Transforming growth factors-β (TGFβ) are a family of closely related, ubiquitously expressed growth factors with the common properties of induction of growth inhibition and expression of differentiation-related markers in epithelial cells. We investigated the role of TGFβ1 in growth regulation of normal human mammary epithelial cells and in benzo(a)pyrene immortalized sublines further transformed by oncogenes in retroviral vectors. The normal cells were markedly growth inhibited by TGFβ1, produced TGFβ in a latent form, and expressed TGFβ receptors. In the immortalized cells, both TGFβ-induced growth inhibition and TGFβ receptor binding were reduced. With the single oncogenes v-Ha-ras, v-mos, and SV40 T, growth sensitivity to TGFβ1 increased, but TGFβ production or TGFβ receptor expression was not altered.

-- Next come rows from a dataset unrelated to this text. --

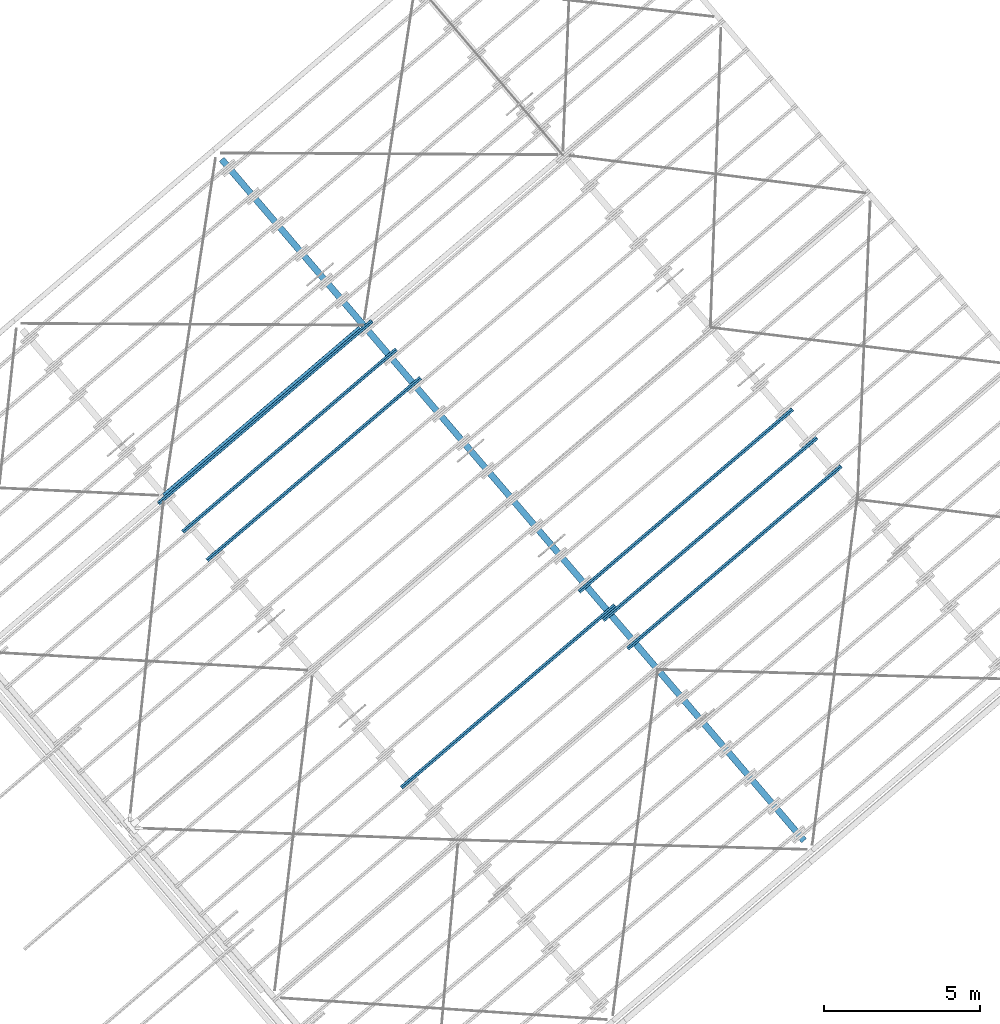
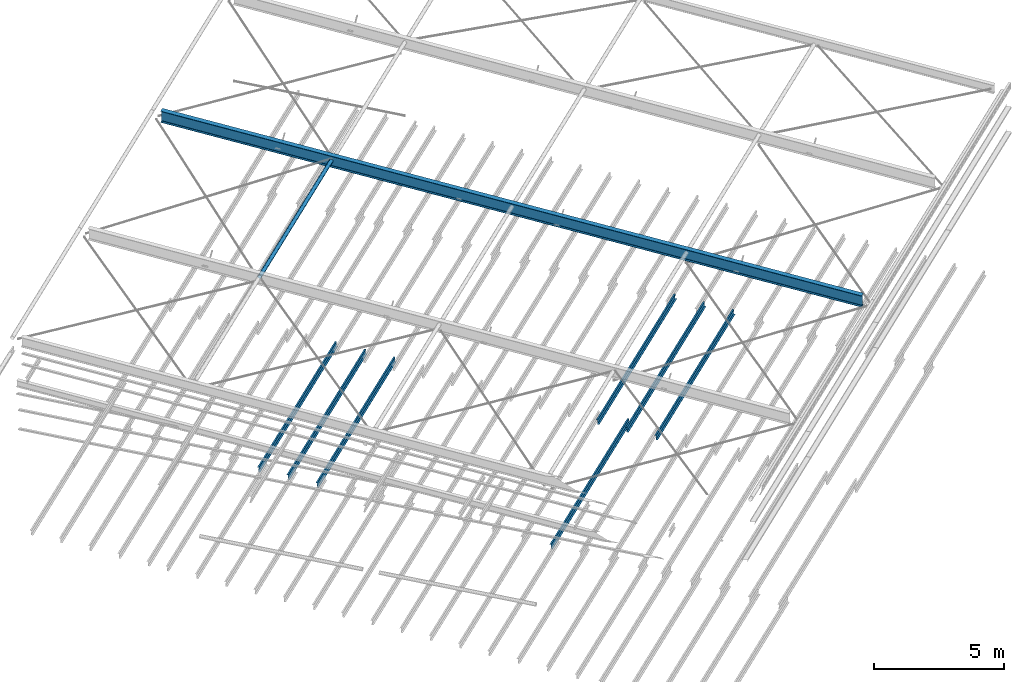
# One storey, part 12 of 25: 8 beams, 1 member, 2 elements without a shape of their own.
"""IFC2X3 building model written with IfcOpenShell, lengths in millimetres."""

from ifc_helpers import new_model, entity, si_unit, converted_unit, derived_unit, direction, frame, frame_2d, origin, origin_2d, origin_2d_with_axis, place, context, subcontext, project, spatial, polyline, circle_curve, parameter, trimmed, segment, composite_curve, hollow_circle, i_section, outline, extrude, clip, halfspace, material, type_object, element, aggregate, save


model = new_model("IFC2X3")

# Units and contexts
model_context = context("Model", 3, precision=0.01, world=origin(), true_north=direction((6.123031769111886e-17, 1.0)))
body_context = subcontext(model_context, "Body", "Model", "MODEL_VIEW")
ifc_project = project(units=[si_unit("LENGTHUNIT", "METRE", prefix="MILLI"), si_unit("AREAUNIT", "SQUARE_METRE"), si_unit("VOLUMEUNIT", "CUBIC_METRE"), converted_unit("PLANEANGLEUNIT", "DEGREE", entity("IfcRatioMeasure", 0.017453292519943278), si_unit("PLANEANGLEUNIT", "RADIAN"), dimensions=[0, 0, 0, 0, 0, 0, 0]), si_unit("MASSUNIT", "GRAM", prefix="KILO"), derived_unit("MASSDENSITYUNIT", [(si_unit("MASSUNIT", "GRAM", prefix="KILO"), 1), (si_unit("LENGTHUNIT", "METRE"), -3)]), derived_unit("MOMENTOFINERTIAUNIT", [(si_unit("LENGTHUNIT", "METRE"), 4)]), si_unit("TIMEUNIT", "SECOND"), si_unit("FREQUENCYUNIT", "HERTZ"), si_unit("THERMODYNAMICTEMPERATUREUNIT", "DEGREE_CELSIUS"), derived_unit("THERMALTRANSMITTANCEUNIT", [(si_unit("MASSUNIT", "GRAM", prefix="KILO"), 1), (si_unit("THERMODYNAMICTEMPERATUREUNIT", "KELVIN"), -1), (si_unit("TIMEUNIT", "SECOND"), -3)]), derived_unit("VOLUMETRICFLOWRATEUNIT", [(si_unit("LENGTHUNIT", "METRE"), 3), (si_unit("TIMEUNIT", "SECOND"), -1)]), derived_unit("MASSFLOWRATEUNIT", [(si_unit("MASSUNIT", "GRAM", prefix="KILO"), 1), (si_unit("TIMEUNIT", "SECOND"), -1)]), derived_unit("ROTATIONALFREQUENCYUNIT", [(si_unit("TIMEUNIT", "SECOND"), -1)]), si_unit("ELECTRICCURRENTUNIT", "AMPERE"), si_unit("ELECTRICVOLTAGEUNIT", "VOLT"), si_unit("POWERUNIT", "WATT"), si_unit("FORCEUNIT", "NEWTON", prefix="KILO"), si_unit("ILLUMINANCEUNIT", "LUX"), si_unit("LUMINOUSFLUXUNIT", "LUMEN"), si_unit("LUMINOUSINTENSITYUNIT", "CANDELA"), derived_unit("USERDEFINED", [(si_unit("MASSUNIT", "GRAM", prefix="KILO"), -1), (si_unit("LENGTHUNIT", "METRE"), -2), (si_unit("TIMEUNIT", "SECOND"), 3), (si_unit("LUMINOUSFLUXUNIT", "LUMEN"), 1)]), derived_unit("SOUNDPOWERUNIT", [(si_unit("MASSUNIT", "GRAM", prefix="KILO"), 1), (si_unit("LENGTHUNIT", "METRE"), 2), (si_unit("TIMEUNIT", "SECOND"), -3)]), derived_unit("LINEARVELOCITYUNIT", [(si_unit("LENGTHUNIT", "METRE"), 1), (si_unit("TIMEUNIT", "SECOND"), -1)]), si_unit("PRESSUREUNIT", "PASCAL"), derived_unit("USERDEFINED", [(si_unit("LENGTHUNIT", "METRE"), -2), (si_unit("MASSUNIT", "GRAM", prefix="KILO"), 1), (si_unit("TIMEUNIT", "SECOND"), -2)]), derived_unit("LINEARFORCEUNIT", [(si_unit("MASSUNIT", "GRAM", prefix="KILO"), 1), (si_unit("LENGTHUNIT", "METRE"), 1), (si_unit("TIMEUNIT", "SECOND"), -2), (si_unit("LENGTHUNIT", "METRE"), -1)]), derived_unit("PLANARFORCEUNIT", [(si_unit("MASSUNIT", "GRAM", prefix="KILO"), 1), (si_unit("LENGTHUNIT", "METRE"), 1), (si_unit("TIMEUNIT", "SECOND"), -2), (si_unit("LENGTHUNIT", "METRE"), -2)])], contexts=[model_context])

# Site, building, storey
site_placement = place(None, frame((962.4174930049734, -6014.433753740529, 0.0), z_axis=(0.0, 0.0, 1.0), x_axis=(0.7601792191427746, 0.649713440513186, 0.0)))
site = spatial("IfcSite", under=ifc_project, at=site_placement, Name="Default", CompositionType="ELEMENT")
building_placement = place(site_placement, origin())
building = spatial("IfcBuilding", under=site, at=building_placement, CompositionType="ELEMENT")
storey_placement = place(building_placement, frame((0.0, 0.0, 9200.0)))
storey = spatial("IfcBuildingStorey", under=building, at=storey_placement, Name="TOP OF CEILING", CompositionType="ELEMENT", Elevation=9200.000000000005)

# Beam
ifc_material_1 = material(Name="Metal - Steel - 300 MPa")
beam_type_1 = type_object("IfcBeamType", Name="ADSK_AU_CHS-Circular Hollow Sections (AS 1163_C350):168.3x6.4CHS", PredefinedType="NOTDEFINED")
beam_1_placement = place(storey_placement, frame((170738.96020471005, -3867.5905821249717, 3583.7999999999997), z_axis=(0.0, 0.0, 1.0), x_axis=(-1.0, 0.0, 0.0)))
element("IfcBeam", 1, at=beam_1_placement, inside=storey, type_object=beam_type_1, material=ifc_material_1, Name="ADSK_AU_CHS-Circular Hollow Sections (AS 1163_C350):168.3x6.4CHS", ObjectType="ADSK_AU_CHS-Circular Hollow Sections (AS 1163_C350):168.3x6.4CHS", context=body_context, shape_type="SweptSolid", body=[
    extrude(hollow_circle(Radius=84.15000000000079, WallThickness=6.4000000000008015, at=origin_2d_with_axis()), frame((134.30000000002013, 0.0, -84.15000000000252), z_axis=(1.0, 0.0, 0.0), x_axis=(0.0, 1.0, 0.0)), (0.0, 0.0, 1.0), 8265.7),
])

# Assembly, beams
assembly_1_placement = place(storey_placement, origin())
assembly_1 = element("IfcElementAssembly", 2, at=assembly_1_placement, inside=storey, Name="Structural Beam System:Structural Beam System 1", ObjectType="Structural Beam System:Structural Beam System 1", AssemblyPlace="NOTDEFINED", PredefinedType="BEAM_GRID")
ifc_material_2 = material(Name="Metal - Steel - 345 MPa")
beam_type_2 = type_object("IfcBeamType", Name="ADSK_AU_Light Gauge-Zeds:Z20015", PredefinedType="NOTDEFINED")
beam_2_placement = place(building_placement, frame((171038.96020471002, -3938.4404572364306, 3914.6058039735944), z_axis=(0.0, 0.0, 1.0), x_axis=(-1.0, 0.0, 0.0)))
beam_2 = element("IfcBeam", 3, at=beam_2_placement, type_object=beam_type_2, material=ifc_material_2, Name="ADSK_AU_Light Gauge-Zeds:Z20015", ObjectType="ADSK_AU_Light Gauge-Zeds:Z20015", context=body_context, shape_type="SweptSolid", body=[
    extrude(outline(composite_curve([segment(polyline([(100.0, 1.0), (100.0, -69.0)]), True, "CONTINUOUS"), segment(trimmed(circle_curve(frame_2d((98.0, -69.0), x_axis=(0.0, -1.0)), 2.000000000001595), [parameter(0.0)], [parameter(89.99999999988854)], True, "PARAMETER"), False, "CONTINUOUS"), segment(polyline([(98.0, -71.0), (81.49999999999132, -71.0)]), True, "CONTINUOUS"), segment(polyline([(81.49999999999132, -71.0), (81.49999999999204, -72.50000000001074)]), True, "CONTINUOUS"), segment(polyline([(81.4999999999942, -72.5000000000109), (98.0, -72.50000000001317)]), True, "CONTINUOUS"), segment(trimmed(circle_curve(frame_2d((98.0, -69.0), x_axis=(1.0, 0.0)), 3.500000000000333), [parameter(270.0000000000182)], [parameter(0.0)], True, "PARAMETER"), True, "CONTINUOUS"), segment(polyline([(101.49999999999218, -69.0), (101.5000000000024, 1.0)]), True, "CONTINUOUS"), segment(trimmed(circle_curve(frame_2d((98.0, 1.0), x_axis=(0.0, 1.0)), 3.500000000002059), [parameter(270.0000000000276)], [parameter(0.0)], True, "PARAMETER"), True, "CONTINUOUS"), segment(polyline([(98.0, 4.499999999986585), (-98.0, 4.500000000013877)]), True, "CONTINUOUS"), segment(trimmed(circle_curve(frame_2d((-98.0, 6.500000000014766), x_axis=(-1.0, 0.0)), 2.0000000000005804), [parameter(0.0)], [parameter(89.99999999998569)], True, "PARAMETER"), False, "CONTINUOUS"), segment(polyline([(-100.0, 6.500000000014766), (-100.0, 64.0)]), True, "CONTINUOUS"), segment(trimmed(circle_curve(frame_2d((-98.0, 64.0), x_axis=(0.0, 1.0)), 2.000000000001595), [parameter(0.0)], [parameter(89.99999999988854)], True, "PARAMETER"), False, "CONTINUOUS"), segment(polyline([(-98.0, 66.0), (-81.49999999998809, 66.0)]), True, "CONTINUOUS"), segment(polyline([(-81.49999999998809, 66.0), (-81.4999999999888, 67.50000000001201)]), True, "CONTINUOUS"), segment(polyline([(-81.49999999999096, 67.50000000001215), (-98.0, 67.50000000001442)]), True, "CONTINUOUS"), segment(trimmed(circle_curve(frame_2d((-98.0, 64.0), x_axis=(-1.0, 0.0)), 3.5000000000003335), [parameter(270.0000000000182)], [parameter(0.0)], True, "PARAMETER"), True, "CONTINUOUS"), segment(polyline([(-101.49999999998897, 64.0), (-101.49999999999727, 6.500000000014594)]), True, "CONTINUOUS"), segment(trimmed(circle_curve(frame_2d((-98.0, 6.500000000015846), x_axis=(0.0, -1.0)), 3.5000000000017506), [parameter(270.0000000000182)], [parameter(0.0)], True, "PARAMETER"), True, "CONTINUOUS"), segment(polyline([(-98.0, 3.0), (98.0, 3.0)]), True, "CONTINUOUS"), segment(trimmed(circle_curve(frame_2d((98.0, 1.0), x_axis=(1.0, 0.0)), 2.0000000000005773), [parameter(0.0)], [parameter(89.99999999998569)], True, "PARAMETER"), False, "CONTINUOUS")], self_intersect=False)), frame((0.20000000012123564, -2.591243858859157, -101.56665523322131), z_axis=(-1.0, 0.0, 0.0), x_axis=(0.0, -0.06975647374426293, -0.9975640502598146)), (0.0, 0.0, -1.0), 9000.000000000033),
])
beam_3_placement = place(building_placement, frame((171038.96020471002, -5135.51731754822, 3830.8980354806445), z_axis=(0.0, 0.0, 1.0), x_axis=(-1.0, 0.0, 0.0)))
beam_3 = element("IfcBeam", 4, at=beam_3_placement, type_object=beam_type_2, material=ifc_material_2, Name="ADSK_AU_Light Gauge-Zeds:Z20015", ObjectType="ADSK_AU_Light Gauge-Zeds:Z20015", context=body_context, shape_type="SweptSolid", body=[
    extrude(outline(composite_curve([segment(polyline([(100.0, 1.0), (100.0, -69.0)]), True, "CONTINUOUS"), segment(trimmed(circle_curve(frame_2d((98.0, -69.0), x_axis=(0.0, -1.0)), 2.000000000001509), [parameter(0.0)], [parameter(89.99999999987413)], True, "PARAMETER"), False, "CONTINUOUS"), segment(polyline([(98.0, -71.0), (81.49999999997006, -71.0)]), True, "CONTINUOUS"), segment(polyline([(81.49999999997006, -71.0), (81.49999999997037, -72.50000000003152)]), True, "CONTINUOUS"), segment(polyline([(81.49999999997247, -72.50000000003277), (98.0, -72.50000000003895)]), True, "CONTINUOUS"), segment(trimmed(circle_curve(frame_2d((98.0, -69.0), x_axis=(1.0, 0.0)), 3.5000000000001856), [parameter(270.0000000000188)], [parameter(0.0)], True, "PARAMETER"), True, "CONTINUOUS"), segment(polyline([(101.49999999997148, -69.0), (101.50000000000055, 1.0)]), True, "CONTINUOUS"), segment(trimmed(circle_curve(frame_2d((98.0, 1.0), x_axis=(0.0, 1.0)), 3.5000000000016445), [parameter(269.9999999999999)], [parameter(0.0)], True, "PARAMETER"), True, "CONTINUOUS"), segment(polyline([(98.0, 4.499999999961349), (-98.0, 4.500000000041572)]), True, "CONTINUOUS"), segment(trimmed(circle_curve(frame_2d((-98.0, 6.500000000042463), x_axis=(-1.0, 0.0)), 2.000000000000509), [parameter(0.0)], [parameter(89.99999999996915)], True, "PARAMETER"), False, "CONTINUOUS"), segment(polyline([(-100.0, 6.500000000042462), (-100.0, 64.0)]), True, "CONTINUOUS"), segment(trimmed(circle_curve(frame_2d((-98.0, 64.0), x_axis=(0.0, 1.0)), 2.000000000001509), [parameter(0.0)], [parameter(89.99999999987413)], True, "PARAMETER"), False, "CONTINUOUS"), segment(polyline([(-98.0, 66.0), (-81.49999999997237, 66.0)]), True, "CONTINUOUS"), segment(polyline([(-81.49999999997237, 66.0), (-81.4999999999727, 67.5000000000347)]), True, "CONTINUOUS"), segment(polyline([(-81.49999999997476, 67.50000000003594), (-98.0, 67.50000000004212)]), True, "CONTINUOUS"), segment(trimmed(circle_curve(frame_2d((-98.0, 64.0), x_axis=(-1.0, 0.0)), 3.5000000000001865), [parameter(270.0000000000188)], [parameter(0.0)], True, "PARAMETER"), True, "CONTINUOUS"), segment(polyline([(-101.49999999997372, 64.0), (-101.4999999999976, 6.500000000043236)]), True, "CONTINUOUS"), segment(trimmed(circle_curve(frame_2d((-98.0, 6.500000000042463), x_axis=(0.0, -1.0)), 3.500000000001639), [parameter(269.9999999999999)], [parameter(0.0)], True, "PARAMETER"), True, "CONTINUOUS"), segment(polyline([(-98.0, 3.0), (98.0, 3.0)]), True, "CONTINUOUS"), segment(trimmed(circle_curve(frame_2d((98.0, 1.0), x_axis=(1.0, 0.0)), 2.000000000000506), [parameter(0.0)], [parameter(89.99999999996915)], True, "PARAMETER"), False, "CONTINUOUS")], self_intersect=False)), frame((0.20000000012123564, -2.5912438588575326, -101.56665523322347), z_axis=(-1.0, 0.0, 0.0), x_axis=(0.0, -0.06975647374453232, -0.9975640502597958)), (0.0, 0.0, -1.0), 9000.000000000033),
])
beam_4_placement = place(building_placement, frame((171038.96020471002, -6332.594177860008, 3747.1902669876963), z_axis=(0.0, 0.0, 1.0), x_axis=(-1.0, 0.0, 0.0)))
beam_4 = element("IfcBeam", 5, at=beam_4_placement, type_object=beam_type_2, material=ifc_material_2, Name="ADSK_AU_Light Gauge-Zeds:Z20015", ObjectType="ADSK_AU_Light Gauge-Zeds:Z20015", context=body_context, shape_type="SweptSolid", body=[
    extrude(outline(composite_curve([segment(polyline([(100.0, 1.0), (100.0, -69.0)]), True, "CONTINUOUS"), segment(trimmed(circle_curve(frame_2d((98.0, -69.0), x_axis=(0.0, -1.0)), 2.000000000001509), [parameter(0.0)], [parameter(89.99999999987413)], True, "PARAMETER"), False, "CONTINUOUS"), segment(polyline([(98.0, -71.0), (81.49999999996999, -71.0)]), True, "CONTINUOUS"), segment(polyline([(81.49999999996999, -71.0), (81.49999999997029, -72.5000000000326)]), True, "CONTINUOUS"), segment(polyline([(81.4999999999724, -72.50000000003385), (98.0, -72.50000000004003)]), True, "CONTINUOUS"), segment(trimmed(circle_curve(frame_2d((98.0, -69.0), x_axis=(1.0, 0.0)), 3.5000000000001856), [parameter(270.0000000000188)], [parameter(0.0)], True, "PARAMETER"), True, "CONTINUOUS"), segment(polyline([(101.49999999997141, -69.0), (101.50000000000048, 1.0)]), True, "CONTINUOUS"), segment(trimmed(circle_curve(frame_2d((98.0, 1.0), x_axis=(0.0, 1.0)), 3.5000000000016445), [parameter(269.9999999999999)], [parameter(0.0)], True, "PARAMETER"), True, "CONTINUOUS"), segment(polyline([(98.0, 4.499999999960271), (-98.0, 4.500000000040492)]), True, "CONTINUOUS"), segment(trimmed(circle_curve(frame_2d((-98.0, 6.500000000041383), x_axis=(-1.0, 0.0)), 2.000000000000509), [parameter(0.0)], [parameter(89.99999999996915)], True, "PARAMETER"), False, "CONTINUOUS"), segment(polyline([(-100.0, 6.500000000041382), (-100.0, 64.0)]), True, "CONTINUOUS"), segment(trimmed(circle_curve(frame_2d((-98.0, 64.0), x_axis=(0.0, 1.0)), 2.000000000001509), [parameter(0.0)], [parameter(89.99999999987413)], True, "PARAMETER"), False, "CONTINUOUS"), segment(polyline([(-98.0, 66.0), (-81.49999999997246, 66.0)]), True, "CONTINUOUS"), segment(polyline([(-81.49999999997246, 66.0), (-81.49999999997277, 67.50000000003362)]), True, "CONTINUOUS"), segment(polyline([(-81.49999999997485, 67.50000000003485), (-98.0, 67.50000000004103)]), True, "CONTINUOUS"), segment(trimmed(circle_curve(frame_2d((-98.0, 64.0), x_axis=(-1.0, 0.0)), 3.5000000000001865), [parameter(270.0000000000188)], [parameter(0.0)], True, "PARAMETER"), True, "CONTINUOUS"), segment(polyline([(-101.4999999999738, 64.0), (-101.49999999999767, 6.500000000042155)]), True, "CONTINUOUS"), segment(trimmed(circle_curve(frame_2d((-98.0, 6.500000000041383), x_axis=(0.0, -1.0)), 3.500000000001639), [parameter(269.9999999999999)], [parameter(0.0)], True, "PARAMETER"), True, "CONTINUOUS"), segment(polyline([(-98.0, 3.0), (98.0, 3.0)]), True, "CONTINUOUS"), segment(trimmed(circle_curve(frame_2d((98.0, 1.0), x_axis=(1.0, 0.0)), 2.000000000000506), [parameter(0.0)], [parameter(89.99999999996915)], True, "PARAMETER"), False, "CONTINUOUS")], self_intersect=False)), frame((0.20000000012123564, -2.5912438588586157, -101.56665523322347), z_axis=(-1.0, 0.0, 0.0), x_axis=(0.0, -0.06975647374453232, -0.9975640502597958)), (0.0, 0.0, -1.0), 9000.000000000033),
])
beam_5_placement = place(building_placement, frame((171038.96020471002, -15909.209060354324, 3077.5281190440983), z_axis=(0.0, 0.0, 1.0), x_axis=(-1.0, 0.0, 0.0)))
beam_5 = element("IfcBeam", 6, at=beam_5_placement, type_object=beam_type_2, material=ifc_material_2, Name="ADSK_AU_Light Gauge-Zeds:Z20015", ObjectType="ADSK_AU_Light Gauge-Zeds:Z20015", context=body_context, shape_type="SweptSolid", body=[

Transformation to full malignancy by both SV40 T and v-Ha-ras led to escape from growth inhibition by TGFβ under anchorage-independent, but not anchorage-dependent, conditions without affecting TGFβ production or receptor characteristics. Thus, modulation of TGFβ growth responsiveness in these normal and oncogene transformed human mammary epithelial cells apparently occurs at a level distal to TGFβ receptor binding and is not solely correlated to expression of transforming oncogenes. Further, modulation of TGFβ production is not an indicator of malignant transformation in this system.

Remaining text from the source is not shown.